Copy out every record precisely.

Saved data entries:
Segment Open
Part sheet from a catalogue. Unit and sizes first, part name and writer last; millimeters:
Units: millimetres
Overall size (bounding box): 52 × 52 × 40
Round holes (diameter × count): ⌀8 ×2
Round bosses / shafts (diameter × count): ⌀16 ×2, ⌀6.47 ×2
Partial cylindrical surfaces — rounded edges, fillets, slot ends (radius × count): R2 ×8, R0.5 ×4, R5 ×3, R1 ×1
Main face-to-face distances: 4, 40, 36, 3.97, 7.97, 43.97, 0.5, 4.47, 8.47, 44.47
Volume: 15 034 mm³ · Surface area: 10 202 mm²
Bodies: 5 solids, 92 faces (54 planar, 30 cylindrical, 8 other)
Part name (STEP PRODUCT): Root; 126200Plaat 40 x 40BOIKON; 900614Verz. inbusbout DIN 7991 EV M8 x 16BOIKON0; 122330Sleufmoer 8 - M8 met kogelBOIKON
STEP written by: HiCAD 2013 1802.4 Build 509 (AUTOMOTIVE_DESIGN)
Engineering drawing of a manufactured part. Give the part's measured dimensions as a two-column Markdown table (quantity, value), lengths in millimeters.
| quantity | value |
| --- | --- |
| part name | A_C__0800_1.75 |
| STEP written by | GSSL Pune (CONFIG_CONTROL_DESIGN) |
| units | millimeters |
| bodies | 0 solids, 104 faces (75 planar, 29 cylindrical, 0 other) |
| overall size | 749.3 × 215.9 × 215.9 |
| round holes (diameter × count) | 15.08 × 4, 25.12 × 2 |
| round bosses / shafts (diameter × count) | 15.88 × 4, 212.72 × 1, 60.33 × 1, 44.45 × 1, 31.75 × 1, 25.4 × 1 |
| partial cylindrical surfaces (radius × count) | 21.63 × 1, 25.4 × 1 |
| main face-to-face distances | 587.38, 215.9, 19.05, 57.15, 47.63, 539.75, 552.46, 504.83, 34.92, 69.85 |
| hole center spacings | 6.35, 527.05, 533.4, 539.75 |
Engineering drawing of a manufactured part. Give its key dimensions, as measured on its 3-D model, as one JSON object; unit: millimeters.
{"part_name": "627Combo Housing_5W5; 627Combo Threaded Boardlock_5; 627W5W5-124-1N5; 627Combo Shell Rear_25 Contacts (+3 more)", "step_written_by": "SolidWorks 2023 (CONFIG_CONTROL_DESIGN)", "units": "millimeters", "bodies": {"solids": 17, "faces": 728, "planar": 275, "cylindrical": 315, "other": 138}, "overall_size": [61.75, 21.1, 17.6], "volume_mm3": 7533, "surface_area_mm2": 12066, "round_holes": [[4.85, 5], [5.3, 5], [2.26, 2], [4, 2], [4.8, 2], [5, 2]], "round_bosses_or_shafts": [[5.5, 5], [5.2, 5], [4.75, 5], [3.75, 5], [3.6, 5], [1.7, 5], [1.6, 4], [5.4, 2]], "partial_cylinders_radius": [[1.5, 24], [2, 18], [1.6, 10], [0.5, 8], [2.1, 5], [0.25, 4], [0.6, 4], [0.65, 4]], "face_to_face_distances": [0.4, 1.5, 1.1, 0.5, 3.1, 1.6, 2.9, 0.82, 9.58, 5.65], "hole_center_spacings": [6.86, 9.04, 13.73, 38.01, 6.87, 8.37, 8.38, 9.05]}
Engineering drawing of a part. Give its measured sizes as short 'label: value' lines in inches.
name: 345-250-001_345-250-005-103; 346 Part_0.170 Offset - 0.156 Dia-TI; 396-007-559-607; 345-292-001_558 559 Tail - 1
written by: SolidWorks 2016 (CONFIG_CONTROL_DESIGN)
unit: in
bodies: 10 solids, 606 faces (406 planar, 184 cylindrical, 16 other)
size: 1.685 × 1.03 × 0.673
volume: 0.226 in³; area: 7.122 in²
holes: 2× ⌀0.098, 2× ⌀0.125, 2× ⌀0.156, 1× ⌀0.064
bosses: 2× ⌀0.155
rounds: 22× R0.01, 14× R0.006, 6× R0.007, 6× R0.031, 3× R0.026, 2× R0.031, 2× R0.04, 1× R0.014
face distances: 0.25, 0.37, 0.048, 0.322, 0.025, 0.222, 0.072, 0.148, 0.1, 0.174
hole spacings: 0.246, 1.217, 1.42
Segment Closed
▶ [OUTPUT OF THE TASK]:
Part sheet from a catalogue. Unit and sizes first, part name and writer last; millimeters:
Units: millimetres
Overall size (bounding box): 52 × 52 × 40
Round holes (diameter × count): ⌀8 ×2
Round bosses / shafts (diameter × count): ⌀16 ×2, ⌀6.47 ×2
Partial cylindrical surfaces — rounded edges, fillets, slot ends (radius × count): R2 ×8, R0.5 ×4, R5 ×3, R1 ×1
Main face-to-face distances: 4, 40, 36, 3.97, 7.97, 43.97, 0.5, 4.47, 8.47, 44.47
Volume: 15 034 mm³ · Surface area: 10 202 mm²
Bodies: 5 solids, 92 faces (54 planar, 30 cylindrical, 8 other)
Part name (STEP PRODUCT): Root; 126200Plaat 40 x 40BOIKON; 900614Verz. inbusbout DIN 7991 EV M8 x 16BOIKON0; 122330Sleufmoer 8 - M8 met kogelBOIKON
STEP written by: HiCAD 2013 1802.4 Build 509 (AUTOMOTIVE_DESIGN)
Engineering drawing of a manufactured part. Give the part's measured dimensions as a two-column Markdown table (quantity, value), lengths in millimeters.
| quantity | value |
| --- | --- |
| part name | A_C__0800_1.75 |
| STEP written by | GSSL Pune (CONFIG_CONTROL_DESIGN) |
| units | millimeters |
| bodies | 0 solids, 104 faces (75 planar, 29 cylindrical, 0 other) |
| overall size | 749.3 × 215.9 × 215.9 |
| round holes (diameter × count) | 15.08 × 4, 25.12 × 2 |
| round bosses / shafts (diameter × count) | 15.88 × 4, 212.72 × 1, 60.33 × 1, 44.45 × 1, 31.75 × 1, 25.4 × 1 |
| partial cylindrical surfaces (radius × count) | 21.63 × 1, 25.4 × 1 |
| main face-to-face distances | 587.38, 215.9, 19.05, 57.15, 47.63, 539.75, 552.46, 504.83, 34.92, 69.85 |
| hole center spacings | 6.35, 527.05, 533.4, 539.75 |
Engineering drawing of a manufactured part. Give its key dimensions, as measured on its 3-D model, as one JSON object; unit: millimeters.
{"part_name": "627Combo Housing_5W5; 627Combo Threaded Boardlock_5; 627W5W5-124-1N5; 627Combo Shell Rear_25 Contacts (+3 more)", "step_written_by": "SolidWorks 2023 (CONFIG_CONTROL_DESIGN)", "units": "millimeters", "bodies": {"solids": 17, "faces": 728, "planar": 275, "cylindrical": 315, "other": 138}, "overall_size": [61.75, 21.1, 17.6], "volume_mm3": 7533, "surface_area_mm2": 12066, "round_holes": [[4.85, 5], [5.3, 5], [2.26, 2], [4, 2], [4.8, 2], [5, 2]], "round_bosses_or_shafts": [[5.5, 5], [5.2, 5], [4.75, 5], [3.75, 5], [3.6, 5], [1.7, 5], [1.6, 4], [5.4, 2]], "partial_cylinders_radius": [[1.5, 24], [2, 18], [1.6, 10], [0.5, 8], [2.1, 5], [0.25, 4], [0.6, 4], [0.65, 4]], "face_to_face_distances": [0.4, 1.5, 1.1, 0.5, 3.1, 1.6, 2.9, 0.82, 9.58, 5.65], "hole_center_spacings": [6.86, 9.04, 13.73, 38.01, 6.87, 8.37, 8.38, 9.05]}
Engineering drawing of a part. Give its measured sizes as short 'label: value' lines in inches.
name: 345-250-001_345-250-005-103; 346 Part_0.170 Offset - 0.156 Dia-TI; 396-007-559-607; 345-292-001_558 559 Tail - 1
written by: SolidWorks 2016 (CONFIG_CONTROL_DESIGN)
unit: in
bodies: 10 solids, 606 faces (406 planar, 184 cylindrical, 16 other)
size: 1.685 × 1.03 × 0.673
volume: 0.226 in³; area: 7.122 in²
holes: 2× ⌀0.098, 2× ⌀0.125, 2× ⌀0.156, 1× ⌀0.064
bosses: 2× ⌀0.155
rounds: 22× R0.01, 14× R0.006, 6× R0.007, 6× R0.031, 3× R0.026, 2× R0.031, 2× R0.04, 1× R0.014
face distances: 0.25, 0.37, 0.048, 0.322, 0.025, 0.222, 0.072, 0.148, 0.1, 0.174
hole spacings: 0.246, 1.217, 1.42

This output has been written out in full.